Looking Back At 2010

Before getting into what's to come, let's take a look back over 2010. One of the questions asked of the respondents was, "What 2 things are you most proud of your project/product achieving in 2010?" Here's the breakdown of what the projects had to say:

  • Alfresco: The "overwhelmingly positive reception" to their developer conferences in Paris and New York.
  • Calenco: The stability they've achieved for their product.
  • dotCMS: Their enterprise-level multi-tenant marketplace success, and managing to break into the global marketplace with dotCMS v1.9.
  • DotNetNuke: New product features such as a new localized content management capability and the addition of the Telerik RadEditor to the open source version of their platform. They're particularly happy that they managed to deploy enhanced QA tools and procedures at the same time. For commercial accomplishments, they exceeded 1,000 subscription customers and experienced nearly 400% growth through the year.
  • Drupal: There were no long-form answers from the Drupal project in general, but we did get some from Drupal company Acquia. They're proud of releasing the beta their SaaS product Drupal Gardens (news, site) and growing it to hosting more than 29,000 sites.
  • Ephesoft: Implementing CMIS integration, and enabling content-based classification for scanned documents, faxes and emails.
  • eZ Publish: Adding multichannel capabilities and a variety of enterprise features such as a service platform and patch management.
  • Hippo CMS: Features around internationalization, their REST interface, their plugin architecture, and scalability both horizontal and vertical.
  • Lucid Imagination: Achieving a high rate of acceptance among brand-name fortune 1000 companies and of their "highly active" community of developers and adopters.
  • Magnolia CMS: Continuing their trend of 50% annual growth, their two major releases, and the caliber of the team they've built.
  • Melody: Growing their active contributor base by 2-3x, and making so many advances for the core platform.
  • Nuxeo: Releasing Nuxeo Studio (the lightweight IDE for content-centric applications based on Nuxeo) and Nuxeo Marketplace (their app store).
  • Sense/Net: The popularity of their Windows Workflow Foundation Integration feature, and moving their development teams to using the SCRUM methodology to speed up taking new features to market.

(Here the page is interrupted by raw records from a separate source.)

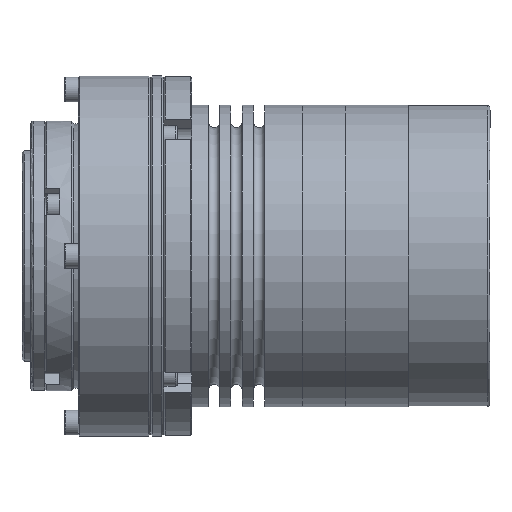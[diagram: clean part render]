
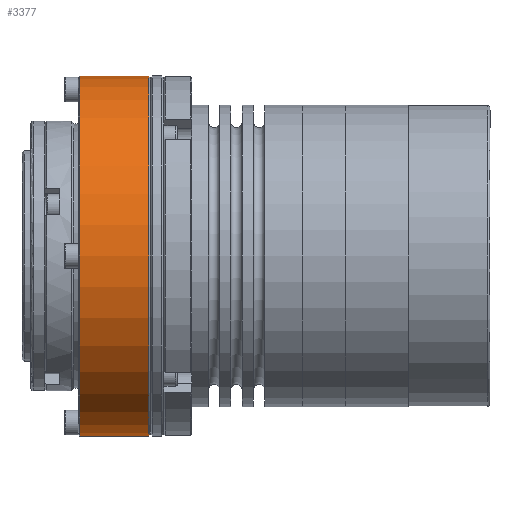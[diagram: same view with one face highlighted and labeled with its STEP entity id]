
A CAD part, left-side view. The second image highlights one B-rep face of the part: STEP entity #3377.
In plain terms, the highlighted cylindrical face has radius 40 mm (diameter 80 mm), a full revolution.
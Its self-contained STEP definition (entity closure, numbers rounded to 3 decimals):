
#3377 = ADVANCED_FACE ( 'NONE', ( #23391, #21094 ), #24417, .T. ) ;
#3564 = DIRECTION ( 'NONE',  ( 0., 1., 0. ) ) ;
#4055 = DIRECTION ( 'NONE',  ( 0., 1., 0. ) ) ;
#4460 = ORIENTED_EDGE ( 'NONE', *, *, #6193, .F. ) ;
#6193 = EDGE_CURVE ( 'NONE', #19989, #19989, #12376, .T. ) ;
#6538 = ORIENTED_EDGE ( 'NONE', *, *, #25585, .T. ) ;
#7054 = CIRCLE ( 'NONE', #19676, 40. ) ;
#7994 = DIRECTION ( 'NONE',  ( 0., 0., 1. ) ) ;
#9445 = AXIS2_PLACEMENT_3D ( 'NONE', #19264, #4055, #19875 ) ;
#11529 = EDGE_LOOP ( 'NONE', ( #4460 ) ) ;
#12303 = DIRECTION ( 'NONE',  ( 0., 0., 1. ) ) ;
#12376 = CIRCLE ( 'NONE', #9445, 40. ) ;
#14131 = CARTESIAN_POINT ( 'NONE',  ( 0., 28.388, 0. ) ) ;
#17575 = CARTESIAN_POINT ( 'NONE',  ( 0., 15.7, -40. ) ) ;
#19264 = CARTESIAN_POINT ( 'NONE',  ( 0., 15.7, 0. ) ) ;
#19676 = AXIS2_PLACEMENT_3D ( 'NONE', #25985, #24732, #12303 ) ;
#19875 = DIRECTION ( 'NONE',  ( 0., 0., -1. ) ) ;
#19954 = AXIS2_PLACEMENT_3D ( 'NONE', #14131, #3564, #7994 ) ;
#19989 = VERTEX_POINT ( 'NONE', #17575 ) ;
#21094 = FACE_OUTER_BOUND ( 'NONE', #26565, .T. ) ;
#21505 = VERTEX_POINT ( 'NONE', #27517 ) ;
#23391 = FACE_OUTER_BOUND ( 'NONE', #11529, .T. ) ;
#24417 = CYLINDRICAL_SURFACE ( 'NONE', #19954, 40. ) ;
#24732 = DIRECTION ( 'NONE',  ( 0., 1., 0. ) ) ;
#25585 = EDGE_CURVE ( 'NONE', #21505, #21505, #7054, .T. ) ;
#25985 = CARTESIAN_POINT ( 'NONE',  ( 0., 0.3, 0. ) ) ;
#26565 = EDGE_LOOP ( 'NONE', ( #6538 ) ) ;
#27517 = CARTESIAN_POINT ( 'NONE',  ( 0., 0.3, 40. ) ) ;
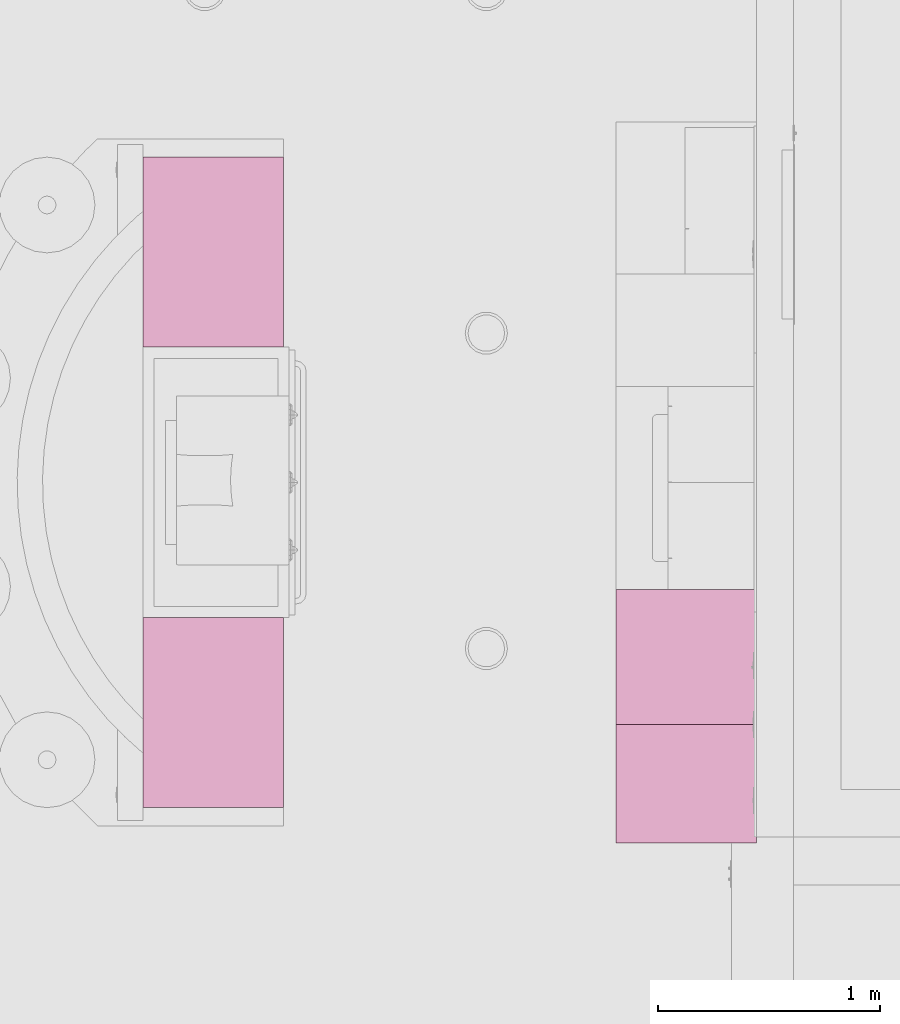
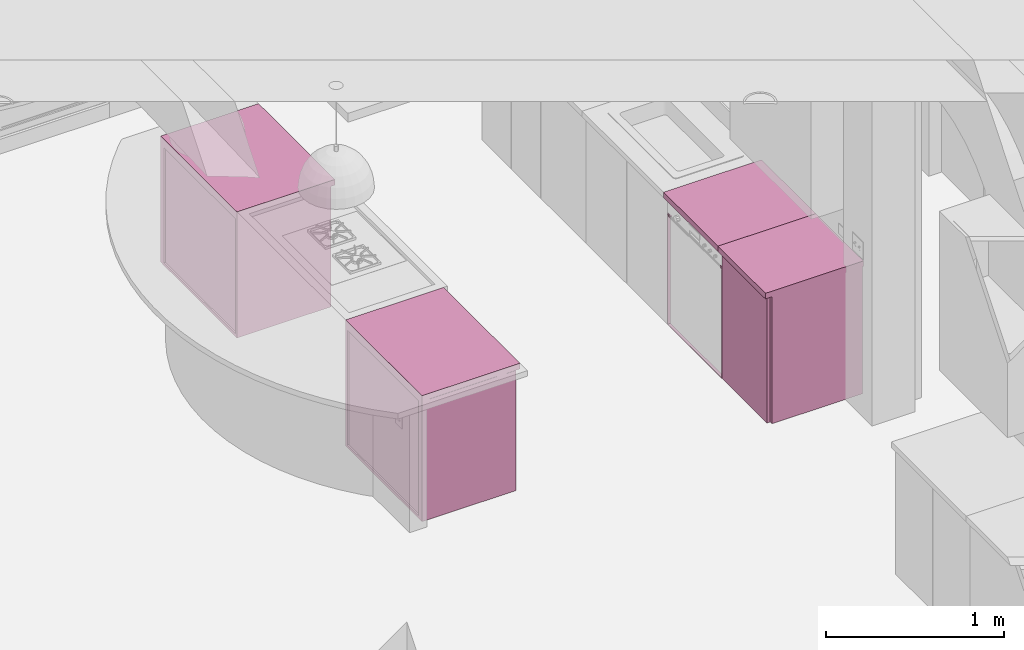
# One storey, part 46 of 103: 4 furnishings.
"""IFC2X3 building model written with IfcOpenShell, lengths in inches."""

from ifc_helpers import new_model, entity, si_unit, converted_unit, derived_unit, money_unit, direction, frame, origin_with_axes, place, context, subcontext, project, spatial, faceted_brep, type_object, element, save


model = new_model("IFC2X3")

# Units and contexts
model_context = context("Model", 3, precision=0.00039370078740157, world=origin_with_axes(), true_north=direction((0.0, 1.0)))
plan_context = context("Plan", 3, precision=0.00039370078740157, world=origin_with_axes(), true_north=direction((0.0, 1.0)))
body_context = subcontext(model_context, "Body", "Model", "MODEL_VIEW")
ifc_project = project(units=[converted_unit("LENGTHUNIT", "INCH", entity("IfcPositiveLengthMeasure", 0.0254), si_unit("LENGTHUNIT", "METRE"), dimensions=[1, 0, 0, 0, 0, 0, 0]), converted_unit("AREAUNIT", "SQUARE_FOOT", entity("IfcPositiveLengthMeasure", 0.09290304), si_unit("AREAUNIT", "SQUARE_METRE"), dimensions=[2, 0, 0, 0, 0, 0, 0]), si_unit("PLANEANGLEUNIT", "RADIAN"), si_unit("SOLIDANGLEUNIT", "STERADIAN"), money_unit("USD"), converted_unit("TIMEUNIT", "Year", entity("IfcTimeMeasure", 31557600.0), si_unit("TIMEUNIT", "SECOND"), dimensions=[0, 0, 1, 0, 0, 0, 0]), si_unit("MASSUNIT", "GRAM", prefix="KILO"), si_unit("THERMODYNAMICTEMPERATUREUNIT", "DEGREE_CELSIUS"), si_unit("LUMINOUSINTENSITYUNIT", "LUMEN"), si_unit("ENERGYUNIT", "JOULE", prefix="MEGA"), derived_unit("SPECIFICHEATCAPACITYUNIT", [(si_unit("ENERGYUNIT", "JOULE"), 1), (si_unit("MASSUNIT", "GRAM", prefix="KILO"), -1), (si_unit("THERMODYNAMICTEMPERATUREUNIT", "KELVIN"), -1)])], contexts=[model_context, plan_context])

# Site, building, storey
site_placement = place(None, origin_with_axes())
site = spatial("IfcSite", under=ifc_project, at=site_placement, Name="Site", CompositionType="ELEMENT")
building_placement = place(site_placement, origin_with_axes())
building = spatial("IfcBuilding", under=site, at=building_placement, Name="Building", CompositionType="ELEMENT")
storey_placement = place(building_placement, frame((0.0, 0.0, 127.9999999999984), z_axis=(0.0, 0.0, 1.0), x_axis=(1.0, 0.0, 0.0)))
storey = spatial("IfcBuildingStorey", under=building, at=storey_placement, Name="Second Floor", CompositionType="ELEMENT", Elevation=128.0)

# Furnishings
furniture_type = type_object("IfcFurnitureType", Name="Base Cabinet Block", AssemblyPlace="NOTDEFINED")
furnishing_1_placement = place(storey_placement, frame((45.99979504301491, 235.9951834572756, 0.0), z_axis=(0.0, 0.0, 1.0), x_axis=(-2.019381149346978e-06, 0.9999999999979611, 0.0)))
element("IfcFurnishingElement", 1, at=furnishing_1_placement, inside=storey, type_object=furniture_type, Name="OBJ-16", context=body_context, shape_type="Brep", body=[
    faceted_brep([(0.0, -24.99999999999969, 32.49999999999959), (0.0, -24.99999999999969, 33.99999999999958), (-33.74999999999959, -24.99999999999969, 33.99999999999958), (-33.74999999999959, -24.99999999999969, 32.49999999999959), (0.0, 0.0, 32.49999999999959), (0.0, 0.0, 33.99999999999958), (-33.74999999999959, 0.0, 33.99999999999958), (-33.74999999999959, 0.0, 32.49999999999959)], [[[0, 1, 2, 3]], [[4, 5, 1, 0]], [[1, 5, 6, 2]], [[3, 2, 6, 7]], [[0, 3, 7, 4]], [[7, 6, 5, 4]]]),
    faceted_brep([(-32.99999999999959, -23.96062992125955, 0.039370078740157), (-33.74999999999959, -23.96062992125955, 0.03937007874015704), (-33.74999999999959, -0.03937007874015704, 0.03937007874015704), (-32.99999999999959, -0.03937007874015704, 0.039370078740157), (-32.99999999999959, -23.96062992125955, 32.46062992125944), (-33.74999999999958, -23.96062992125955, 32.46062992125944), (-33.74999999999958, -0.03937007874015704, 32.46062992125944), (-32.99999999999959, -0.03937007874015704, 32.46062992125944)], [[[0, 1, 2, 3]], [[4, 5, 1, 0]], [[1, 5, 6, 2]], [[3, 2, 6, 7]], [[0, 3, 7, 4]], [[7, 6, 5, 4]]]),
    faceted_brep([(-0.7499999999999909, -23.9999999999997, 0.0), (-0.7499999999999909, -23.9999999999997, 0.7499999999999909), (-32.2499999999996, -23.9999999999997, 0.7499999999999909), (-32.2499999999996, -23.9999999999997, 0.0), (-0.7499999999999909, 0.0, 0.0), (-0.7499999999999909, 0.0, 0.7499999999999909), (-32.2499999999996, 0.0, 0.7499999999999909), (-32.2499999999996, 0.0, 0.0)], [[[0, 1, 2, 3]], [[4, 5, 1, 0]], [[1, 5, 6, 2]], [[3, 2, 6, 7]], [[0, 3, 7, 4]], [[7, 6, 5, 4]]]),
    faceted_brep([(-0.7499999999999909, -23.9999999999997, 31.74999999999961), (-32.2499999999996, -23.9999999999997, 31.74999999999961), (-32.2499999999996, -21.63779527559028, 31.74999999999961), (-0.7499999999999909, -21.63779527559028, 31.74999999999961), (-0.7499999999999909, -23.9999999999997, 32.49999999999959), (-32.2499999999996, -23.9999999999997, 32.49999999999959), (-32.2499999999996, -21.63779527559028, 32.49999999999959), (-0.7499999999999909, -21.63779527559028, 32.49999999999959)], [[[0, 1, 2, 3]], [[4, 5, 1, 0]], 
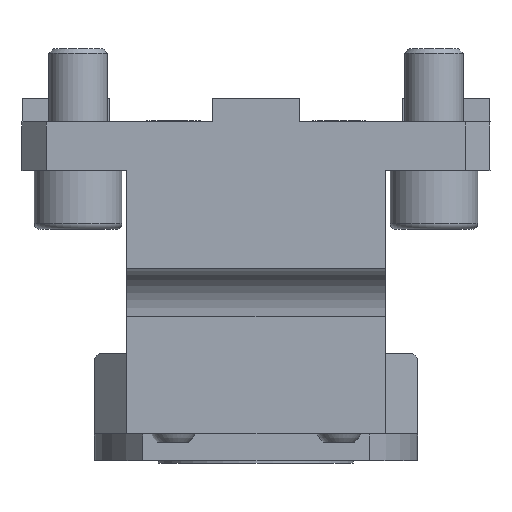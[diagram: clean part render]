
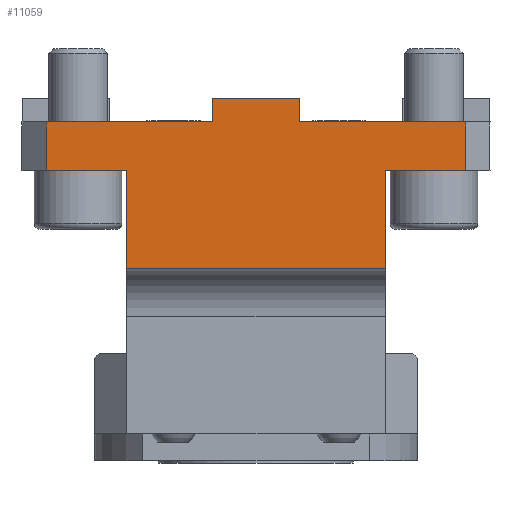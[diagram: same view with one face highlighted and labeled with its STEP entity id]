
A CAD part, left-side view. The second image highlights one B-rep face of the part: STEP entity #11059.
In plain terms, the highlighted planar face has unit normal (-1, 0, 0).
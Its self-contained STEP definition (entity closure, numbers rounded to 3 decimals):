
#5409=ORIENTED_EDGE('',*,*,#7228,.T.);
#5410=ORIENTED_EDGE('',*,*,#7229,.F.);
#5411=ORIENTED_EDGE('',*,*,#7230,.F.);
#5412=ORIENTED_EDGE('',*,*,#7231,.T.);
#5413=ORIENTED_EDGE('',*,*,#7232,.F.);
#5414=ORIENTED_EDGE('',*,*,#7233,.F.);
#5415=ORIENTED_EDGE('',*,*,#7130,.F.);
#5416=ORIENTED_EDGE('',*,*,#7136,.T.);
#5417=ORIENTED_EDGE('',*,*,#7141,.F.);
#5418=ORIENTED_EDGE('',*,*,#7223,.F.);
#5419=ORIENTED_EDGE('',*,*,#7234,.T.);
#5420=ORIENTED_EDGE('',*,*,#7081,.T.);
#6117=VECTOR('',#8142,1.);
#6149=VECTOR('',#8220,1.);
#6154=VECTOR('',#8229,1.);
#6159=VECTOR('',#8236,1.);
#6202=VECTOR('',#8431,1.);
#6205=VECTOR('',#8440,1.);
#6206=VECTOR('',#8441,1.);
#6207=VECTOR('',#8442,1.);
#6208=VECTOR('',#8443,1.);
#6209=VECTOR('',#8444,1.);
#6210=VECTOR('',#8445,1.);
#6211=VECTOR('',#8446,1.);
#6432=LINE('',#9230,#6117);
#6464=LINE('',#9328,#6149);
#6469=LINE('',#9339,#6154);
#6474=LINE('',#9348,#6159);
#6517=LINE('',#9679,#6202);
#6520=LINE('',#9688,#6205);
#6521=LINE('',#9690,#6206);
#6522=LINE('',#9692,#6207);
#6523=LINE('',#9694,#6208);
#6524=LINE('',#9696,#6209);
#6525=LINE('',#9697,#6210);
#6526=LINE('',#9698,#6211);
#6743=VERTEX_POINT('',#9227);
#6744=VERTEX_POINT('',#9229);
#6785=VERTEX_POINT('',#9324);
#6787=VERTEX_POINT('',#9327);
#6791=VERTEX_POINT('',#9337);
#6794=VERTEX_POINT('',#9346);
#6851=VERTEX_POINT('',#9678);
#6854=VERTEX_POINT('',#9687);
#6855=VERTEX_POINT('',#9689);
#6856=VERTEX_POINT('',#9691);
#6857=VERTEX_POINT('',#9693);
#6858=VERTEX_POINT('',#9695);
#7081=EDGE_CURVE('',#6744,#6743,#6432,.T.);
#7130=EDGE_CURVE('',#6785,#6787,#6464,.T.);
#7136=EDGE_CURVE('',#6785,#6791,#6469,.T.);
#7141=EDGE_CURVE('',#6794,#6791,#6474,.T.);
#7223=EDGE_CURVE('',#6851,#6794,#6517,.T.);
#7228=EDGE_CURVE('',#6743,#6854,#6520,.T.);
#7229=EDGE_CURVE('',#6855,#6854,#6521,.T.);
#7230=EDGE_CURVE('',#6856,#6855,#6522,.T.);
#7231=EDGE_CURVE('',#6856,#6857,#6523,.T.);
#7232=EDGE_CURVE('',#6858,#6857,#6524,.T.);
#7233=EDGE_CURVE('',#6787,#6858,#6525,.T.);
#7234=EDGE_CURVE('',#6851,#6744,#6526,.T.);
#7621=EDGE_LOOP('',(#5409,#5410,#5411,#5412,#5413,#5414,#5415,#5416,#5417,
#5418,#5419,#5420));
#7900=FACE_BOUND('',#7621,.T.);
#8142=DIRECTION('',(0.,34.,0.));
#8220=DIRECTION('',(0.,0.,20.));
#8229=DIRECTION('',(0.,-53.,0.));
#8236=DIRECTION('',(0.,0.,-20.));
#8431=DIRECTION('',(0.,16.5,0.));
#8438=DIRECTION('',(-1.,0.,0.));
#8439=DIRECTION('',(0.,1.,0.));
#8440=DIRECTION('',(0.,0.,4.75));
#8441=DIRECTION('',(0.,-18.,0.));
#8442=DIRECTION('',(0.,0.,4.75));
#8443=DIRECTION('',(0.,34.,0.));
#8444=DIRECTION('',(0.,0.,10.));
#8445=DIRECTION('',(0.,16.5,0.));
#8446=DIRECTION('',(0.,0.,10.));
#9227=CARTESIAN_POINT('',(-48.,-9.,11.));
#9229=CARTESIAN_POINT('',(-48.,-43.,11.));
#9230=CARTESIAN_POINT('',(-48.,-43.,11.));
#9324=CARTESIAN_POINT('',(-48.,26.5,-19.));
#9327=CARTESIAN_POINT('',(-48.,26.5,1.));
#9328=CARTESIAN_POINT('',(-48.,26.5,-19.));
#9337=CARTESIAN_POINT('',(-48.,-26.5,-19.));
#9339=CARTESIAN_POINT('',(-48.,26.5,-19.));
#9346=CARTESIAN_POINT('',(-48.,-26.5,1.));
#9348=CARTESIAN_POINT('',(-48.,-26.5,1.));
#9678=CARTESIAN_POINT('',(-48.,-43.,1.));
#9679=CARTESIAN_POINT('',(-48.,-43.,1.));
#9686=CARTESIAN_POINT('',(-48.,-9.,6.));
#9687=CARTESIAN_POINT('',(-48.,-9.,15.75));
#9688=CARTESIAN_POINT('',(-48.,-9.,11.));
#9689=CARTESIAN_POINT('',(-48.,9.,15.75));
#9690=CARTESIAN_POINT('',(-48.,9.,15.75));
#9691=CARTESIAN_POINT('',(-48.,9.,11.));
#9692=CARTESIAN_POINT('',(-48.,9.,11.));
#9693=CARTESIAN_POINT('',(-48.,43.,11.));
#9694=CARTESIAN_POINT('',(-48.,9.,11.));
#9695=CARTESIAN_POINT('',(-48.,43.,1.));
#9696=CARTESIAN_POINT('',(-48.,43.,1.));
#9697=CARTESIAN_POINT('',(-48.,26.5,1.));
#9698=CARTESIAN_POINT('',(-48.,-43.,1.));
#10579=AXIS2_PLACEMENT_3D('',#9686,#8438,#8439);
#10884=PLANE('',#10579);
#11059=ADVANCED_FACE('',(#7900),#10884,.T.);

  • SilverStripe: Achieving the first Microsoft Certification for an open source project, and the act that their software powers more and more complex sites.
  • Tiki Wiki: Winning the BOSSIE award and increasing community involvement to stay "one of the largest collaborative open source projects in the world."
  • TYPO3: Improved usability features in the current branch, and developing the next generation of their platform together with their framework.
  • Umbraco: Reaching profitability through organic growth and no venture capital, and keeping the community feeling friendly as it doubled in size.
  • WeWebU: Going open source with OpenWorkdesk, and adding CMIS support.
  • Wiredcraft: Performance gains and mobile apps.
  • WordPress: While there weren't general responses from the WordPress project, we did get answers from WordPress company Automattic. Their response was the scale of WordPress deployments, with partners serving "hundreds of millions of pageviews/month" on the platform, and the level of adoption of WordPress mobile apps across Android, BlackBerry, iOS, Nokia and Windows Phone 7.
  • XOOPS: The most important was rewriting the next generation of XOOPS with the Zend Framework. As part of joining mainstream PHP-based web development trends, they're also heavily using Smarty 3.0 and jQuery, the jQuery transition was made for XOOPS 2.5.0. Finally, for 2010 they're proud to receive the 2010 OSS Award Northeast Asia Open Source Software Promotion Forum award, and to be a finalist for Packt Publishing's Open Source CMS Award.